Катя с неожиданной силой тащит меня и сестру в самую гущу тростника. Сестра краснеет от гнева, пытается ущипнуть Комарову за тощее предплечье, та уворачивается, кусает сестру за палец.
На солнце грязь застывает в сероватую корку. Комарова спорит с сестрой, как лучше поступить: дождаться, когда корка засохнет, чтобы потом сколупать ее ногтями, или помыться в реке.
– Ты мне скажи, Катька, откуда такие, как ты, вообще берутся?
– Не нравится – не ешь.
Сестра пожимает плечами, трет переносицу, замечает, что палец тоже вымазан в грязи, и спускается к реке. Я иду за ней.
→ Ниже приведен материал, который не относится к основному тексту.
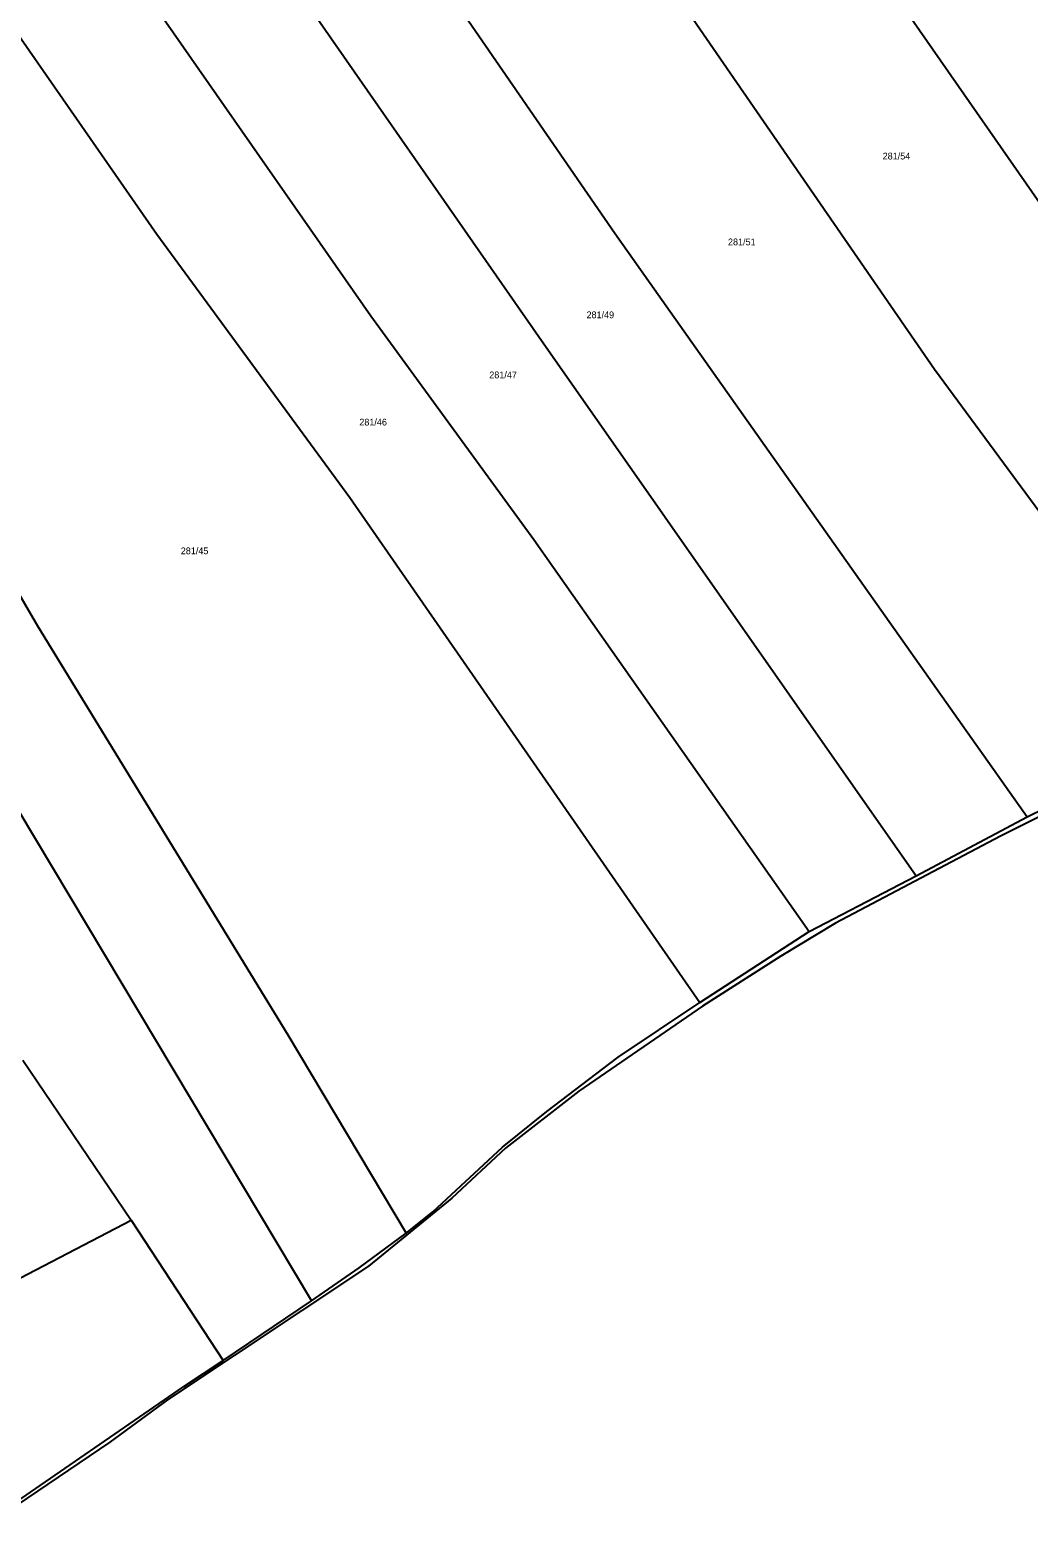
# Model space of a CAD drawing. Extents: x -780000 to -777378, y -1011169 to -1009297.
# Drawn here: x -778149.1 to -777897.6, y -1011100.8 to -1010721.1 of the extents above; entities that cross this region are included whole.
import ezdxf

# ---------------------------------------------------------------- set-up
doc = ezdxf.new("R2010")
doc.units = 0
doc.layers.add('KN_HRANICE', color=7, linetype='Continuous')
doc.layers.add('KN_PARCELY', color=7, linetype='Continuous')

msp = doc.modelspace()

# ---------------------------------------------------------------- linework, layer by layer
at = {"layer": 'KN_HRANICE'}
for p, q in [((-778087.99, -1010647.3), (-778001.85, -1010772.26)), ((-778115.74, -1010662.1), (-778021.13, -1010798.24)), ((-778143.85, -1010677.34), (-778063.35, -1010793.06)), ((-778173.03, -1010692.24), (-778117.21, -1010772.54)), ((-777935.33, -1010706.44), (-777864.34, -1010808.65)), ((-777983.83, -1010715.92), (-777921.4, -1010806.5)), ((-778233.17, -1010724.47), (-778147.23, -1010871.18)), ((-778117.21, -1010772.54), (-778068.65, -1010838.85)), ((-778001.85, -1010772.26), (-777898.07, -1010919.25)), ((-778063.35, -1010793.06), (-778022.29, -1010849.42)), ((-778021.13, -1010798.24), (-777926.01, -1010934.1)), ((-777921.4, -1010806.5), (-777893.7, -1010844.14)), ((-778068.65, -1010838.85), (-777980.49, -1010965.98)), ((-778022.29, -1010849.42), (-777952.91, -1010948.15)), ((-778147.23, -1010871.18), (-778084.18, -1010974.16)), ((-777898.07, -1010919.25), (-777855.82, -1010898.56)), ((-778156.55, -1010910.11), (-778078.29, -1011041.12)), ((-777893.68, -1010918.59), (-777904.75, -1010924.16)), ((-777926.01, -1010934.1), (-777898.07, -1010919.25)), ((-777904.75, -1010924.16), (-777946.29, -1010946.05)), ((-777952.91, -1010948.15), (-777926.01, -1010934.1)), ((-777980.49, -1010965.98), (-777952.91, -1010948.15)), ((-777946.29, -1010946.05), (-777960.11, -1010954.32)), ((-777960.11, -1010954.32), (-777979.84, -1010966.89)), ((-777979.84, -1010966.89), (-778010.92, -1010988.32)), ((-778001.04, -1010979.74), (-777980.49, -1010965.98)), ((-778084.18, -1010974.16), (-778054.46, -1011024.11)), ((-778150.99, -1010980.51), (-778123.71, -1011020.78)), ((-778018.96, -1010993.43), (-778001.04, -1010979.74)), ((-778010.92, -1010988.32), (-778029.41, -1011002.72)), ((-778030.19, -1011002.43), (-778018.96, -1010993.43)), ((-778047.71, -1011018.72), (-778030.19, -1011002.43)), ((-778029.41, -1011002.72), (-778042.94, -1011015.24)), ((-778042.94, -1011015.24), (-778063.87, -1011032.42)), ((-778232.23, -1011077.49), (-778123.71, -1011020.78)), ((-778123.71, -1011020.78), (-778100.49, -1011056.2)), ((-778054.46, -1011024.11), (-778047.71, -1011018.72)), ((-778066.28, -1011032.84), (-778054.46, -1011024.11)), ((-778063.87, -1011032.42), (-778114.5, -1011066.06)), ((-778078.29, -1011041.12), (-778066.28, -1011032.84)), ((-778100.49, -1011056.2), (-778078.29, -1011041.12)), ((-778110.44, -1011062.73), (-778100.49, -1011056.2)), ((-778164.52, -1011099.92), (-778110.44, -1011062.73)), ((-778114.5, -1011066.06), (-778129.05, -1011076.74)), ((-778129.05, -1011076.74), (-778164.73, -1011100.82))]:
    msp.add_line(p, q, dxfattribs=at)

# ---------------------------------------------------------------- texts
at = {"layer": 'KN_PARCELY'}
for s, p in [('281/54', (-777934.43, -1010753.71)), ('281/51', (-777973.38, -1010775.32)), ('281/49', (-778009.01, -1010793.69)), ('281/47', (-778033.49, -1010808.81)), ('281/46', (-778066.22, -1010820.7)), ('281/45', (-778111.18, -1010853.12))]:
    msp.add_text(s, height=1.7, dxfattribs=at).set_placement(p)

doc.saveas('drawing.dxf')

Комарова подскакивает, зло кричит нам вслед:
– А я подожду, когда засохнет и само отвалится! А вы – городские мокрые курицы!
По вечерам в деревне часто нет электричества, и мы сидим при свечах: сестра рисует карандашами в блокноте, я читаю. По столу, накрытому истертой клеенкой, ползет, осторожно переставляя ноги, крупный черный жук. Дойдя до края пульсирующего кругляша света, жук замирает.
– Слушай, там правда был утопленник?
– Комарица говорит, был.
– Ну, то комарица…
Сестра подталкивает жука карандашом, тот с сухим щелчком переворачивается на спину и притворяется мертвым.
Во сне сестра стонет, вертится, наконец падает с кровати. Бабушка поднимает ее, сидит над ней всю ночь, поминутно наклоняется, прислушивается к ее дыханию, трогает ей лоб, что-то тихо шепчет.
Младшая Комарова с утра стоит под окнами: руки по швам, голова запрокинута, нос в веснушках, нечесаные белые пряди.
– Городски-и-и-е! А-уу! Городски-и-и-е! Че не выхо-о-дите?!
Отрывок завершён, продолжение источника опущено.